Florida DOC officials were found in 1995 to have fraudulently awarded a contract to North American Intelicom (NAI) to provide "inmate telephone services" to 35 Florida state prisons. Rival communications company MCI filed a protest because they were not awarded the contract, even though their bid scored higher than NAI's in the DOC bid ranking system. [See: "Phone Graft in Florida," PLN Vol. 7 No. 6] An investigation ensued. Senior DOC officials were implicated in a bid rigging scheme, and the contract was then awarded to MCI in November, 1995.

A later investigation by the Florida Public Services Commission (PSC) revealed that during the period in which NAI was providing telephone services, the company routinely over billed people who accepted phone calls from prisoners using NAI phones. NAI subsequently agreed to refund $400,000 to consumers who were bilked by the overcharges. [See: "Florida Utilities Commission Refunds Phone Kickbacks," PLN v.7 #9].

Less than a year after MCI began providing "Inmate telephone services," the company was under investigation for overcharging consumers, imposing a $3 surcharge on collect calls placed by prisoners -- triple what state regulations then allowed.

Kathy Pounds, MCI's director of public policy, Southern Region, says the company did no wrong, asserting that the $3 surcharge "covers the cost of our maximum security features" and pointing out that the rate increase was filed with the Florida Public Service Commission (PSC) which approved them after a 30-day review.

J. Alan Taylor, a PSC regulator, admits the documents filed by MCI were approved. But he said they slipped through quietly and that MCI officials should have known that the higher charge violated PSC rules. PSC Commissioner Julia Johnson characterized the $3 surcharge as a "lawfully filed illegal rate."

The DOC, which under its contract with MCI gets a 53 percent cut of phone revenues, raked in an estimated $10 million from phone calls in 1996. MCI's cut is estimated by the DOC to be in the $8 million to $9 million range. Florida DOC officials acknowledged that the surcharge violated MCI's contract with the department. "We're not going to take any action," said Tom Brooks, a DOC communications engineer. "We have told them we weren't pleased with the situation. But the contract is not real punitive in nature."

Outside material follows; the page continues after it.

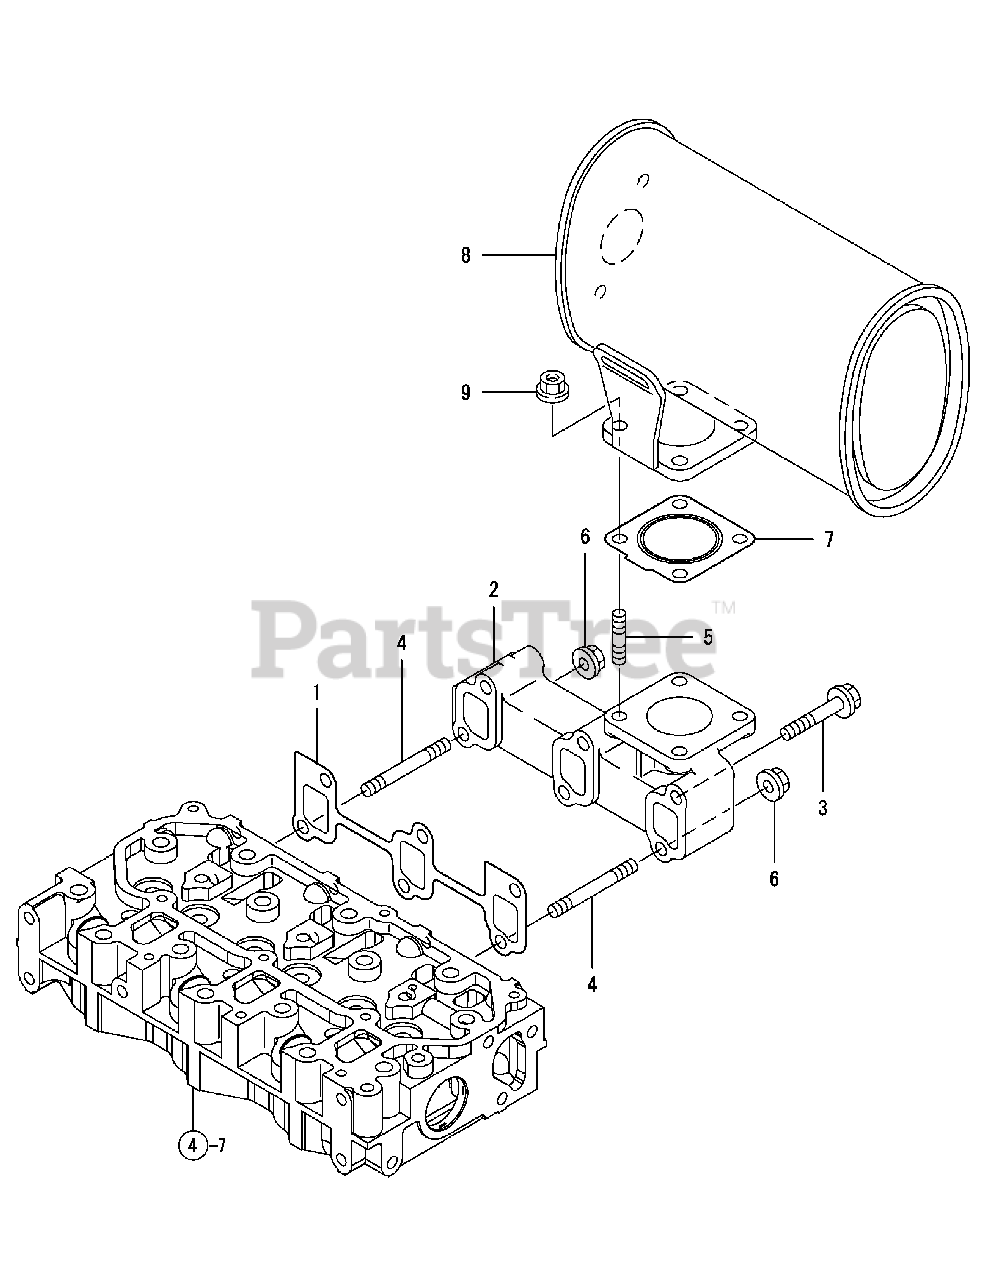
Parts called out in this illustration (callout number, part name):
1	GASKET, MANIFOLD
2	MANIFOLD, EXHAUST
3	BOLT M 8X 50 PLATED
7	GASKET, SILENCER

On October 29, 1996, by a 5-0 vote, the Florida PSC ordered MCI to refund $1.5 million to customers who were overcharged and to decrease the surcharge to the PSC mandated maximum of $1.75 (raised by the PSC in February, 1996, from $1).

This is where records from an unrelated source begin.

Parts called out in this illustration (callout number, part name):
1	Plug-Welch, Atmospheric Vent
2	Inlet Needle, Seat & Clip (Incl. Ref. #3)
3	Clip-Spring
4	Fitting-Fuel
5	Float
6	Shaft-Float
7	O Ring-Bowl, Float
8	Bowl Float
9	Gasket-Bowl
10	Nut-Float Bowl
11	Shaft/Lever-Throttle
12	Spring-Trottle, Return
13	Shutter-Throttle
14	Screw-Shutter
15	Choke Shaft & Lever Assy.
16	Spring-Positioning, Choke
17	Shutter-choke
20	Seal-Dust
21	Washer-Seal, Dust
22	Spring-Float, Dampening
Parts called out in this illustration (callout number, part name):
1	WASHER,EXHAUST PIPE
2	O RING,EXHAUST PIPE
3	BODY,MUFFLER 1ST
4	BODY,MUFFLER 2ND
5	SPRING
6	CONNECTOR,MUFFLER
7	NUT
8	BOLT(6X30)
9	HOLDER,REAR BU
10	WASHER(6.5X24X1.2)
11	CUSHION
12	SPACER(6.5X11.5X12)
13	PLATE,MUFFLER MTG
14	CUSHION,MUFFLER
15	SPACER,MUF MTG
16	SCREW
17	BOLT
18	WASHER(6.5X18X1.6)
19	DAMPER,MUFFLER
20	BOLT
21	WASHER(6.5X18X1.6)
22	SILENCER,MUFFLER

MCI offered to pay the refund by: giving the money to a Daytona Beach Christian organization that serves prisoners' families, putting it into the state Inmate Trust Fund, or simply lowering its rates between Nov. 15, 1996 and Jan. 15, 1997, to make up for the overcharges.

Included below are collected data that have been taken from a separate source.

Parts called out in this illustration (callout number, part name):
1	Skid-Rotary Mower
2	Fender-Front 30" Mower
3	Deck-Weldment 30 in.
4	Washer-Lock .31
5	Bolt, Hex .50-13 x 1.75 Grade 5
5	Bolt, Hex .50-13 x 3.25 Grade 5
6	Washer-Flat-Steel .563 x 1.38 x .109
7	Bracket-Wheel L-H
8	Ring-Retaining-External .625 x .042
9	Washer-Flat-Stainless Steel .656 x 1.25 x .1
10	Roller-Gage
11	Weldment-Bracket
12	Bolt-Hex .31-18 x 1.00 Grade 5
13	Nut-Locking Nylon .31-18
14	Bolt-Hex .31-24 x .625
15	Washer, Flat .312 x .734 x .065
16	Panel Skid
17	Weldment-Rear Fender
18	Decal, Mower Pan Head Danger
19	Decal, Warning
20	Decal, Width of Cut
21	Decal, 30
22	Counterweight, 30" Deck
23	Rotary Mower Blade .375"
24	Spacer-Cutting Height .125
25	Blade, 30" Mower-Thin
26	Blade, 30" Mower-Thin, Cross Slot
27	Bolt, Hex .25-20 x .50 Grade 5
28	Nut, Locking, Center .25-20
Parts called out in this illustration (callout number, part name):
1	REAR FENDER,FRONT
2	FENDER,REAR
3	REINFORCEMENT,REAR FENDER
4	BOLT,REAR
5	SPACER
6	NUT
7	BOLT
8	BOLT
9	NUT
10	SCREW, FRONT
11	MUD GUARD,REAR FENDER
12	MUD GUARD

A state DOC official endorsed one of the alternative refund plans. But the PSC voted to require that MCI prove why the company should not be fined up to $25,000 for each day it overcharged customers. The PSC then said that direct refunds were the best alternative.

"It's owed to the customers who paid it," Commissioner Diane Kiesling said. "If it costs the company some time, money and energy [to track down the customers owed refunds], then so be it."

PLN readers in other states should look into the phone contracts in their own prisons. Make test calls, i.e. place a call to a friend or loved one on the outside on a specific day and time. Time the call. Have somebody go to a pay phone outside, as near to the prison as possible, and place the same length collect call, on the same day and time, to the same number. When the phone bill arrives, compare the charges.

Find out which agency in your state regulates phone rates. Contact them and have them provide you with information about what rates are permitted under state regulations. If the phone company serving your prison is overbilling, have your people (the ones who are over billed) write letters of complaint to the state attorney general's office and to the public utilities commission. If you don't watch 'em, who will?